Computer Science and Engineering, Northeastern University, Shenyang, China.
Alibaba A.I. Labs., Hangzhou, China.
Med Biol Eng Comput. 2022 Jul;60(7):1897-1913. doi: 10.1007/s11517-022-02558-4. Epub 2022 May 6.
The dynamic functional connectivity analysis provides valuable information for understanding functional brain activity underlying different cognitive processes. Modeling spatio-temporal dynamics in functional brain networks is critical for underlying the functional mechanism of autism spectrum disorder (ASD). In our study, we propose a machine learning approach for the classification of neurological disorders while providing an interpretable framework, which thoroughly captures spatio-temporal features in resting-state functional magnetic resonance imaging (rs-fMRI) data. Specifically, we first transform rs-fMRI time-series into temporal multi-graph using the sliding window technique. A temporal multi-graph clustering is then designed to eliminate the inconsistency of the temporal multi-graph series. Then, a graph structure-aware LSTM (GSA-LSTM) is further proposed to capture the spatio-temporal embedding for temporal graphs. Furthermore, The proposed GSA-LSTM can not only capture discriminative features for prediction but also impute the incomplete graphs for the temporal multi-graph series. Extensive experiments on the autism brain imaging data exchange (ABIDE) dataset demonstrate that the proposed dynamic brain network embedding learning outperforms the state-of-the-art brain network classification models. Furthermore, the obtained clustering results are consistent with the previous neuroimaging-derived evidence of biomarkers for autism spectrum disorder (ASD).

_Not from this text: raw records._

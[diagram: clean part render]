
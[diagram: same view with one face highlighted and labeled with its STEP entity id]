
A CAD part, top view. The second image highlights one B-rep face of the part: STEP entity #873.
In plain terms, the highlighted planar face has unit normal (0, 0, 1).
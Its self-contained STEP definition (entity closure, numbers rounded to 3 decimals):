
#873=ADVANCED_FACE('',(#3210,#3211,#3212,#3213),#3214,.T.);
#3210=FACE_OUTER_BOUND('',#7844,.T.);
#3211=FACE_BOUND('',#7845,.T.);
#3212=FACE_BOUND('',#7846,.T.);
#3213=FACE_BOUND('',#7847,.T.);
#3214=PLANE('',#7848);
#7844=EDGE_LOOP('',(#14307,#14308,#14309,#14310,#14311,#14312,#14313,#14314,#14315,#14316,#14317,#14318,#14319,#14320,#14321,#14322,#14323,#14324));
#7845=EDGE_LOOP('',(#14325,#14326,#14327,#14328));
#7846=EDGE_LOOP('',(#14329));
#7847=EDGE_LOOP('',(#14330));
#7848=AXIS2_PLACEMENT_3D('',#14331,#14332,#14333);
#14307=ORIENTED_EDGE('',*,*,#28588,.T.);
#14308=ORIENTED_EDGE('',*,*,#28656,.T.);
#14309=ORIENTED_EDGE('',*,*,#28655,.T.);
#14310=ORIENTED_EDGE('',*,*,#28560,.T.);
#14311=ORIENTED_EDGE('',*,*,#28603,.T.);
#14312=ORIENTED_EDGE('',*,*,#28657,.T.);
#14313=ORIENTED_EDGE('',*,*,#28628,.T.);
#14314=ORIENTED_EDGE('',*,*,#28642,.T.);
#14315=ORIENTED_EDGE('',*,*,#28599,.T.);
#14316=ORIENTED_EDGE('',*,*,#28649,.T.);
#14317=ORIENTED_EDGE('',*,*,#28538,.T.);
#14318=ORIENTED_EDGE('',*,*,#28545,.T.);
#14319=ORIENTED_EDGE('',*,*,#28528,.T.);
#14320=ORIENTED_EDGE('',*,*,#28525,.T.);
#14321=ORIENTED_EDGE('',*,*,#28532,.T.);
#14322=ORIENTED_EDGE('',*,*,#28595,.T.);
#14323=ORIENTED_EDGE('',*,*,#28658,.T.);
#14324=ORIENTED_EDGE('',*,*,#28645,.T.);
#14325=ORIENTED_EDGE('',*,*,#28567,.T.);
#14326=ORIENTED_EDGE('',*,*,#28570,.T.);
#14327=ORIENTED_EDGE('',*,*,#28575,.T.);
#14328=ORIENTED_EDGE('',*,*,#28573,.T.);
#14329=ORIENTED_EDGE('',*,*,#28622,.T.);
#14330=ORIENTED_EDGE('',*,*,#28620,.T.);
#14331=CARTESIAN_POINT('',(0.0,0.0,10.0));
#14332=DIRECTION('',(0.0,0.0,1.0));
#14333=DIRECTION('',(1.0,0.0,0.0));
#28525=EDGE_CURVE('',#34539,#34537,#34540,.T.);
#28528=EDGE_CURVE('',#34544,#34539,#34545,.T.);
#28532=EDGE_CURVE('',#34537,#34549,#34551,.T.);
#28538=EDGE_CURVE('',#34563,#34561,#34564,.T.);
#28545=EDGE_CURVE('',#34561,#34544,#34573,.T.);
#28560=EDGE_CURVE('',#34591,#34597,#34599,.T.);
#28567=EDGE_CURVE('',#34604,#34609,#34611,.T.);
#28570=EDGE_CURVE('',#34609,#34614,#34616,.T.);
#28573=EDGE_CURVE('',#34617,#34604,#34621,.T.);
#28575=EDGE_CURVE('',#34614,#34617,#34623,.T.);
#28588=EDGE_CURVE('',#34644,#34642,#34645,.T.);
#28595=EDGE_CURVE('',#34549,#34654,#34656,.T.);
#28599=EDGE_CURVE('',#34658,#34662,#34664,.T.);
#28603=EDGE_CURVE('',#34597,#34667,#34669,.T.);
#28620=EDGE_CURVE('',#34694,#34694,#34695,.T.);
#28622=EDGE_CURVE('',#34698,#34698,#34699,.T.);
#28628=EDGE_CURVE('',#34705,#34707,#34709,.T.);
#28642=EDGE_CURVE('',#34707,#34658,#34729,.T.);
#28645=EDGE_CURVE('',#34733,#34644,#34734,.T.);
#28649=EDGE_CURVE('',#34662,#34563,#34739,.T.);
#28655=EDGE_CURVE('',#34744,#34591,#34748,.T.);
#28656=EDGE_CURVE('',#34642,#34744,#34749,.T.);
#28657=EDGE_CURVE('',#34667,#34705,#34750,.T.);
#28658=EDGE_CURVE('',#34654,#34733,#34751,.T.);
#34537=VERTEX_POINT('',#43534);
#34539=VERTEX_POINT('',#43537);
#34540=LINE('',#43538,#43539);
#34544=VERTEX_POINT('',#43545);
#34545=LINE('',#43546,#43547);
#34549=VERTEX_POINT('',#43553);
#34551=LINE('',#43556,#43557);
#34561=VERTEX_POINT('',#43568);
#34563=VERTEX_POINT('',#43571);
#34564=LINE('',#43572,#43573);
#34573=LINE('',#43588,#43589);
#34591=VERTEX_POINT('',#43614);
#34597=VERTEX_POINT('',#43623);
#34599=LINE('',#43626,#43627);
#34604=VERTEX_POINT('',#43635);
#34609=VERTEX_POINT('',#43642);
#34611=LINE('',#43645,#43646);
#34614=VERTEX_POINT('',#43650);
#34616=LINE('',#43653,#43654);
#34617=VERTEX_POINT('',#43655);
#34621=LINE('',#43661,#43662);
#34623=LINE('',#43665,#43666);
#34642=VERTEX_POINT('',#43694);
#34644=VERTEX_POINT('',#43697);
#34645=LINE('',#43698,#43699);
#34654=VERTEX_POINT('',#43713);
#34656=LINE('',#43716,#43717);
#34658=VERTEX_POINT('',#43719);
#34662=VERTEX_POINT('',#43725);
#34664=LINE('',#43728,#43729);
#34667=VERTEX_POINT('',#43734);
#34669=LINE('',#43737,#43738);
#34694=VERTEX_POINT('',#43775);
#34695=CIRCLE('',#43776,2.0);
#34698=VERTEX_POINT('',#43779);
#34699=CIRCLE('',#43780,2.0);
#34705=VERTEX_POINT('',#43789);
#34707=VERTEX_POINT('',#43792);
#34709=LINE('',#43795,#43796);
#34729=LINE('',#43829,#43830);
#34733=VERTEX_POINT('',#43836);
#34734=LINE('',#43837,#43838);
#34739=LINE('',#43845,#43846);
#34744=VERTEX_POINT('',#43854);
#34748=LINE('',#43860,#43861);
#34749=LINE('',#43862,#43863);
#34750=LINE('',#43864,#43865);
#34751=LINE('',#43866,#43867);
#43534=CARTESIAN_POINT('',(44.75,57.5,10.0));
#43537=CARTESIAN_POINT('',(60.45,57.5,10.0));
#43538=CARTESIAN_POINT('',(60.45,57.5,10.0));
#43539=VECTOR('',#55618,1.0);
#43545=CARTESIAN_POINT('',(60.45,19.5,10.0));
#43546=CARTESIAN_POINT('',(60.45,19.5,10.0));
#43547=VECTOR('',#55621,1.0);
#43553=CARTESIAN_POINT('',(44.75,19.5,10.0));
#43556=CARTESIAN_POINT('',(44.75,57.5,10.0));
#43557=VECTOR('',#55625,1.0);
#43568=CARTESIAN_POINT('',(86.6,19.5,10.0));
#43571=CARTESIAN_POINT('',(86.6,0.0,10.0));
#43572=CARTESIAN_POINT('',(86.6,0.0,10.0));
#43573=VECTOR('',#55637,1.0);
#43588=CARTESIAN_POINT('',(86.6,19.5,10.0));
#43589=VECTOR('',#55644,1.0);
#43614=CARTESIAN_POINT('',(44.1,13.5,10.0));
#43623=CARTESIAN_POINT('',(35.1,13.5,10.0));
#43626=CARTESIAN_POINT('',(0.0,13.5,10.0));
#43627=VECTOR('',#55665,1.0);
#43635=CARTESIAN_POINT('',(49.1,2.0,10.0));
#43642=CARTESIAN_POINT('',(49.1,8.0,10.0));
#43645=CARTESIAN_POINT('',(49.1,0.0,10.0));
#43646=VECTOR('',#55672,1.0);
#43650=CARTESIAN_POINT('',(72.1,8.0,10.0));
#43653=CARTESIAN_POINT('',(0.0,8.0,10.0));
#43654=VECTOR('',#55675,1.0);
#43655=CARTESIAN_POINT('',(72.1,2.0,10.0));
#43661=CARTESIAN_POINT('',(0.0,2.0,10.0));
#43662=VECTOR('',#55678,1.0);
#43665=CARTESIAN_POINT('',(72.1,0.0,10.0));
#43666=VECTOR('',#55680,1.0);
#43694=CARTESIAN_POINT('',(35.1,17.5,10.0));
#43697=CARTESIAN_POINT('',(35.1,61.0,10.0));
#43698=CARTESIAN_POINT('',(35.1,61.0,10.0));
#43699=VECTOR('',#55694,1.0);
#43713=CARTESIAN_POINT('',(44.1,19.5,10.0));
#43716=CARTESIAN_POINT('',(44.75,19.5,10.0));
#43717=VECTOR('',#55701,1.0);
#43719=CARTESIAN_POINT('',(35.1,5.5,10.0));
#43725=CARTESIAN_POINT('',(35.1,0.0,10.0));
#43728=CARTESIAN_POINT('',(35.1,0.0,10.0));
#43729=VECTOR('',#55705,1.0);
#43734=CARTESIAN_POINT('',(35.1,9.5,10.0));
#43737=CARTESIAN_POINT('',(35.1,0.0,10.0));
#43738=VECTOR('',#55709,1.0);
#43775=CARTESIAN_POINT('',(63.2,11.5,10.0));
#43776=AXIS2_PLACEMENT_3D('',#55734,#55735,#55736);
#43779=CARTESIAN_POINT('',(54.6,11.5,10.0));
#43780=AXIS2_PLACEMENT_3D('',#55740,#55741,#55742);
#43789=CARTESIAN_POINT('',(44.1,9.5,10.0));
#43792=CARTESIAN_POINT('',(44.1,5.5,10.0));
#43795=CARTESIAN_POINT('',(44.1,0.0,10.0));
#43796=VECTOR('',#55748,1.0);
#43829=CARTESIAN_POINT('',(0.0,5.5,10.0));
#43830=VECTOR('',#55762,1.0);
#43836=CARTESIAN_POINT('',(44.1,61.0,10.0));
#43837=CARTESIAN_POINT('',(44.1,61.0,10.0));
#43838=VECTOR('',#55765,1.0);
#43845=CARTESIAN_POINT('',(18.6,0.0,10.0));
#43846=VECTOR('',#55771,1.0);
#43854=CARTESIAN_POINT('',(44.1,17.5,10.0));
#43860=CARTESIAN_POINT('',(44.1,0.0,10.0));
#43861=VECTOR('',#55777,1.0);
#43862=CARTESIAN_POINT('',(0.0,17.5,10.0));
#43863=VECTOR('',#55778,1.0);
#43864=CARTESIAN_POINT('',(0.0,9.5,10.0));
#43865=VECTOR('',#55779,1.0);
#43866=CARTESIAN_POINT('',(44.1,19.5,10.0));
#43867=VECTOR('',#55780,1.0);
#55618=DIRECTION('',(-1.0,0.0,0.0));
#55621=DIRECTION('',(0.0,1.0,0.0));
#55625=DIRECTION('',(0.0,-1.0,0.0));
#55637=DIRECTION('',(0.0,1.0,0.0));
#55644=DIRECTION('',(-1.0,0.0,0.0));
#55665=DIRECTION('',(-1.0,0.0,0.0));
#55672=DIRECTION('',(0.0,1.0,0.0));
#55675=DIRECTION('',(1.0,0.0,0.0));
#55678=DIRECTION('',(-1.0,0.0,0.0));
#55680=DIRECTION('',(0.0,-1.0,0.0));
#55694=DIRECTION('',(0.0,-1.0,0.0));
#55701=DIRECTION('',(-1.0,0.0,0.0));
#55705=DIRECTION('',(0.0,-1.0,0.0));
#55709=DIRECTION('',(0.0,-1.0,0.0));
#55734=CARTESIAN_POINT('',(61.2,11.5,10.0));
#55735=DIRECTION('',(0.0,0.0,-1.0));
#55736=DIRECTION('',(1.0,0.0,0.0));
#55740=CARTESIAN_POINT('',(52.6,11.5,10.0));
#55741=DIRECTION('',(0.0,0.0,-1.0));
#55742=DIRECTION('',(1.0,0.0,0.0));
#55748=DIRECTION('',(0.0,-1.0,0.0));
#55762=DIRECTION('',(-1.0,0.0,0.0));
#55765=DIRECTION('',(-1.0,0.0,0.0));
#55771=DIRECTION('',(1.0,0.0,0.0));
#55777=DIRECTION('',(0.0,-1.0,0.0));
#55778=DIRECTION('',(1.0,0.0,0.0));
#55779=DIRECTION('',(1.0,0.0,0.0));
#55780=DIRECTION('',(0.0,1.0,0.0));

动态功能连接分析为理解不同认知过程的基础功能脑活动提供了有价值的信息。对功能脑网络中的时空动态进行建模对于揭示自闭症谱系障碍(ASD)的功能机制至关重要。在我们的研究中,我们提出了一种用于神经疾病分类的机器学习方法,同时提供了一个可解释的框架,该框架可以彻底捕获静息态功能磁共振成像(rs-fMRI)数据中的时空特征。具体来说,我们首先使用滑动窗口技术将 rs-fMRI 时间序列转换为时间多图。然后设计了一个时间多图聚类来消除时间多图序列的不一致性。然后,进一步提出了一种图结构感知 LSTM(GSA-LSTM)来捕获时间图的时空嵌入。此外,所提出的 GSA-LSTM 不仅可以捕获用于预测的有鉴别力的特征,还可以对时间多图序列中的不完全图进行插补。在自闭症脑成像数据交换(ABIDE)数据集上的广泛实验表明,所提出的动态脑网络嵌入学习优于最先进的脑网络分类模型。此外,获得的聚类结果与先前神经影像学衍生的自闭症谱系障碍(ASD)生物标志物的证据一致。